Lest ihr Online-Magazine? Beziehungsweise könnt ihr überhaupt unterscheiden, wann eigentlich ein Blog aufhört und ein Online-Magazin beginnt? Manche Leute sagen übrigens auch E-zine dazu – aber vielleicht ist das einfach so wie mit Neuburger und dem Leberkäse? 

Ein bisschen können wir ja aushelfen: Blog kommt ja von Logbuch und ist daher eher etwas, was einspurig ist. Das heißt: Ein Blogbeitrag reiht sich an den anderen und irgendwann ergeben sie ein leckeres Geschnetzeltes, das sich nach ausgiebiger Lektüre einem Themenbereich unterordnen lässt.

Ein Online-Magazin geht da allerdings viel weiter und hat eine richtige Rige aus Journalisten und Textern angestellt und zumeist einen Chefredakteur oder gar Textchef – so richtig wie bei einem echten Magazin halt, nur dass die Druckerei zum Schluss nicht eingeschalten wird, sondern viel eher entweder einmal auf „als PDF auswerfen“ oder „veröffentlichen“ geklickt wird, je nachdem, ob man das schmucke Ding später mal im virtuellen Zeitungskiosk erstehen kann oder ob es „nur“ auf einer gut aufbereiteten Seite prangt.

 

  

Was lesen im Magazin-Dschungel?

Wir haben uns für euch ein bisschen umgesehen, was denn so angesagt ist. Online Magazine im deutschsprachigen Raum gibt es ja wie Krater am Mond. Doch welche sind die, die man gelesen haben muss?

 
I-ref magazin

Das I-Ref Magazin kommt aus Berlin, dem heißesten Ort in Europa, wenn es um Trends und junge Kultur geht. Das ist der richtige Nährboden um die Welt auf Trab zu halten und über „contemporary culture“ aufzuklären. Die Kernthemen sind Reisen, Kunst, Design, Musik, Film und Mode. Kurz: Die schönen Dinge des Lebens.

 

Stadtbekannt

Vor allem bei Wienern längst in den Alltag übergegangen, sind die Artikel, Tipps und Tricks, die allesamt mit Everybody’s Darling Vienna zu tun haben. Der Name Stadtbekannt ist also Programm. Wo kann man in der österreichischen Metropole gut frühstücken?

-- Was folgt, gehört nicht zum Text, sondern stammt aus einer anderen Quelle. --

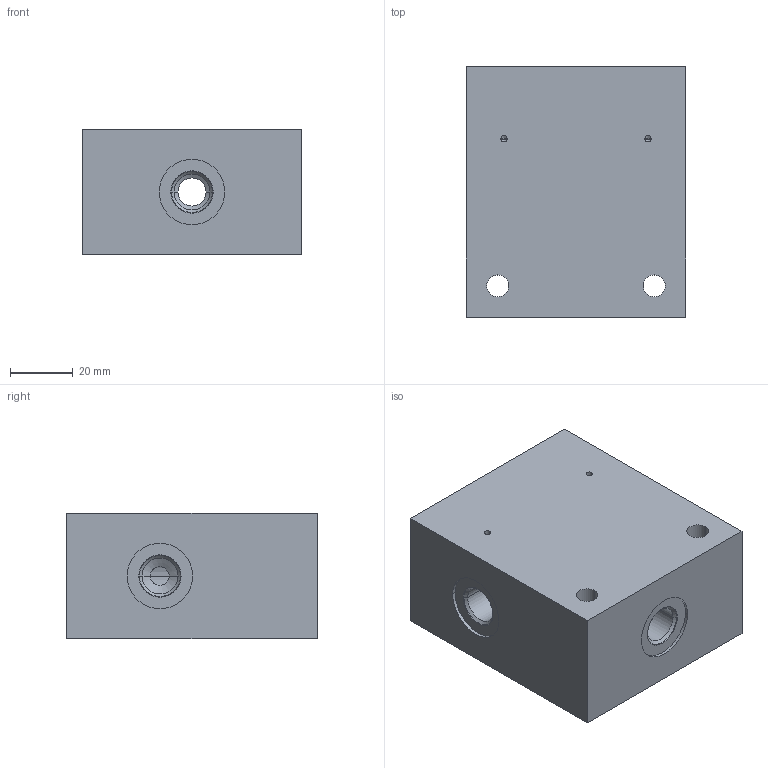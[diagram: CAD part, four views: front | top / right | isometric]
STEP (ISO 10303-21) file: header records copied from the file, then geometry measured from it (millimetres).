
FILE_DESCRIPTION((''),'2;1');
FILE_NAME('20786001','2023-10-11T',('l.soukupova'),(''),'PRO/ENGINEER BY PARAMETRIC TECHNOLOGY CORPORATION, 2015440','PRO/ENGINEER BY PARAMETRIC TECHNOLOGY CORPORATION, 2015440','');
FILE_SCHEMA(('AUTOMOTIVE_DESIGN { 1 0 10303 214 1 1 1 1 }'));
Length unit declared in the file: millimetre
Products named in the file (1): 20786001
Bounding box: 70 x 80 x 40 mm (x, y, z)
Volume: 200041.9 mm3; surface area: 33221.7 mm2
Topology: 1 solids, 6 shells, 100 faces, 311 edges, 251 vertices
Faces by surface type: cylinder 52, cone 32, plane 16
Entity records: 4145 total; most frequent: CARTESIAN_POINT 990, DIRECTION 635, ORIENTED_EDGE 430, AXIS2_PLACEMENT_3D 230, EDGE_CURVE 225, VECTOR 175, LINE 175, VERTEX_POINT 136
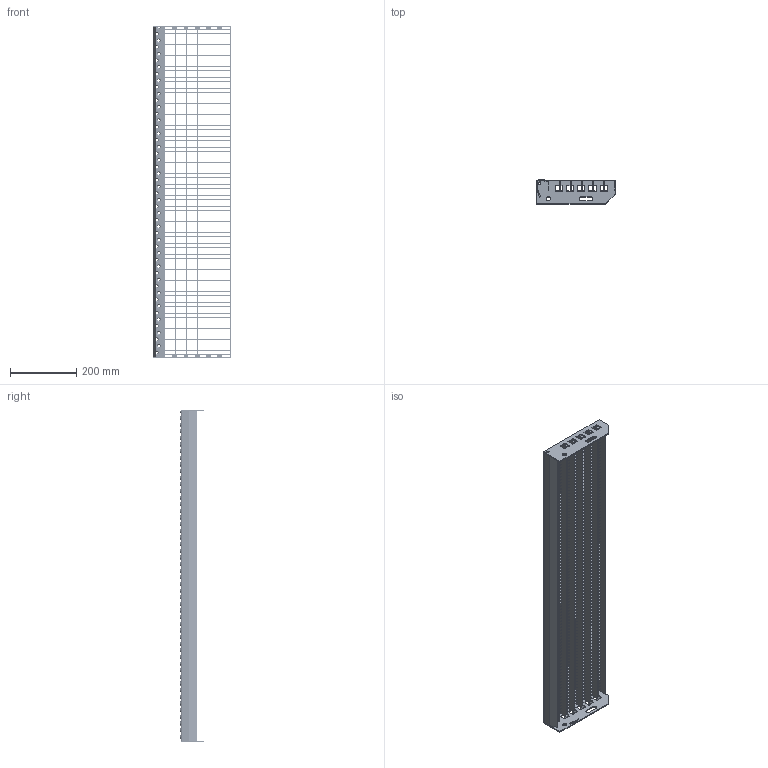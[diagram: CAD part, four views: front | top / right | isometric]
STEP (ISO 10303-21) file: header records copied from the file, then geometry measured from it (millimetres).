
FILE_DESCRIPTION(/* description */ ('','CAx-IF Rec.Pracs.---Representation and Presentation of Product Manufacturing Information (PMI)---3.8---2014-02-18'),/* implementation_level */ '2;1');
FILE_NAME(/* name */ 'C:\Users\phaverkotte\Desktop\Lager STEP\P-Stufen\PX42 230-33 11-2\PX42 230-33 11-2 1000mm x 240mm.stp',/* time_stamp */ '2018-03-24T10:56:11+01:00',/* author */ ('phaverkotte'),/* organization */ (''),/* preprocessor_version */ 'ST-DEVELOPER v16.13',/* originating_system */ 'Autodesk Inventor 2018',/* authorisation */ '');
FILE_SCHEMA (('AP242_MANAGED_MODEL_BASED_3D_ENGINEERING_MIM_LF { 1 0 10303 442 1 1 4 }'));
Length unit declared in the file: millimetre
Products named in the file (8): Schodišťový stupeň přím
ý lisovaný; Seitenplatte ausgeklinkt links; Seitenplatte 240 ausgeklinkt extern rechts; Schod nášlap; P Rošt schodu; Querstab; P Nosný pás; Hinteres Flach
Assembly tree (100 placements, depth 3):
  Schodišťový stupeň přím
ý lisovaný
    Seitenplatte ausgeklinkt links
    Seitenplatte 240 ausgeklinkt extern rechts
    Schod nášlap
    P Rošt schodu
      Querstab  x89
      P Nosný pás  x6
      Hinteres Flach
Bounding box: 236.98 x 72.75 x 1000 mm (x, y, z)
Volume: 943830.1 mm3; surface area: 1053903.3 mm2
Topology: 99 solids, 99 shells, 15968 faces, 47151 edges, 31398 vertices
Faces by surface type: plane 15636, cone 150, cylinder 112, torus 50, bspline 20
Full cylindrical faces by diameter (mm): 8 x2, 13 x2
Entity records: 39223 total; most frequent: CARTESIAN_POINT 9693, ORIENTED_EDGE 5816, DIRECTION 5782, EDGE_CURVE 2908, LINE 2386, VECTOR 2386, VERTEX_POINT 2003, AXIS2_PLACEMENT_3D 1698

Wer ist eigentlich grad wo zum Feiern? Wo liebt es sich in Wien denn am besten? Auch für Nicht-Wiener empfehlenswert, da man sich Tipps für die nächste Reise oder den Wien-Trip holen kann.

 

Splitpersonality

Auch aus Wien, aber ganz etwas Anderes sind die Jungs von Splitpersonality. Genauso jung und frisch wie Claus und Julian. Da geht es um Party, Musik und außergewöhnliche Fotos, gehüllt in prickelndes Design mit bunten Vierecken garniert. Ob Splitpersonality jetzt einfach ein verdammt gut gemachter Blog ist, oder bereits ein Online-Magazin, darüber lässt sich streiten. Allerdings sollte man die Zeit anders nutzen und sich einfach in die Artikel auf der Seite vertiefen. Sie sind es wert!

 

 

Sister-Mag

Dass nicht nur die Jungs von heute was auf die Reihe kriegen, sondern auch die Mädels, beweist dieses schön gemacht Magazin, dass mit Printmagazinen locker mithalten kann. Das Design ist verspielt und eine wahre Freude ­– und das nicht nur für wimperngetuschte Augen. Das Magazin für die digitale Dame strotzt vor Charme und ist einfach ein Lichtstrahl in der Frauenmagazinwelt.

 

Blackpaper

Im Hintergrund erstrahlt die Skyline von New York und irgendwie kommt man sich ganz kosmopolit vor, wenn man sich durch das Blackpaper klickt. Das Magazin kommt aus der Schweiz und blickt von der kleinen, europäischen Enklave in die weite Welt. Schön aufgemachter Journalismus mit Augenmerk auf das Schöne.

 

Paroli-Magazin

Unabhängig von der allgemeinen Meinung und vor allem von politischen Parteien macht das Paroli-Magazin eine gute Arbeit. Worauf man allerdings bei der Lektüre achtgeben sollte: Es passiert leider viel zu schnell, dass man von einem Artikel zum nächsten klickt und den schönen Tag draußen komplett vergisst. Sicherlich eines der Top-Designs unter den deutschsprachigen Online-Magazinen.

 


art magazine

Kunst hat keinen Platz? Blödsinn! Das Art Magazin gibt der schönsten Sache der Welt (neben Schokolade und Eis) ihren wohlverdienten Platz. Wer also was die Kunst von heute anbelangt auf Zack sein will, der ist beim Art Magazin gut aufgehoben.


Tante Jolesch

Das Magazin gegen Dummheit und Depression beweist sowohl in seinem Nachsatz als auch in seinem etwas unmodernen Design Humor. Die Tante Jolesch ist an und für sich ein Charakter des Schriftstellers Friedrich Torberg und wurde für dieses Online-Magazin kurzerhand entlehnt. Was Thomas Lukscheider hier schreibt ist äußerst politisch und regt zum Nachdenken an.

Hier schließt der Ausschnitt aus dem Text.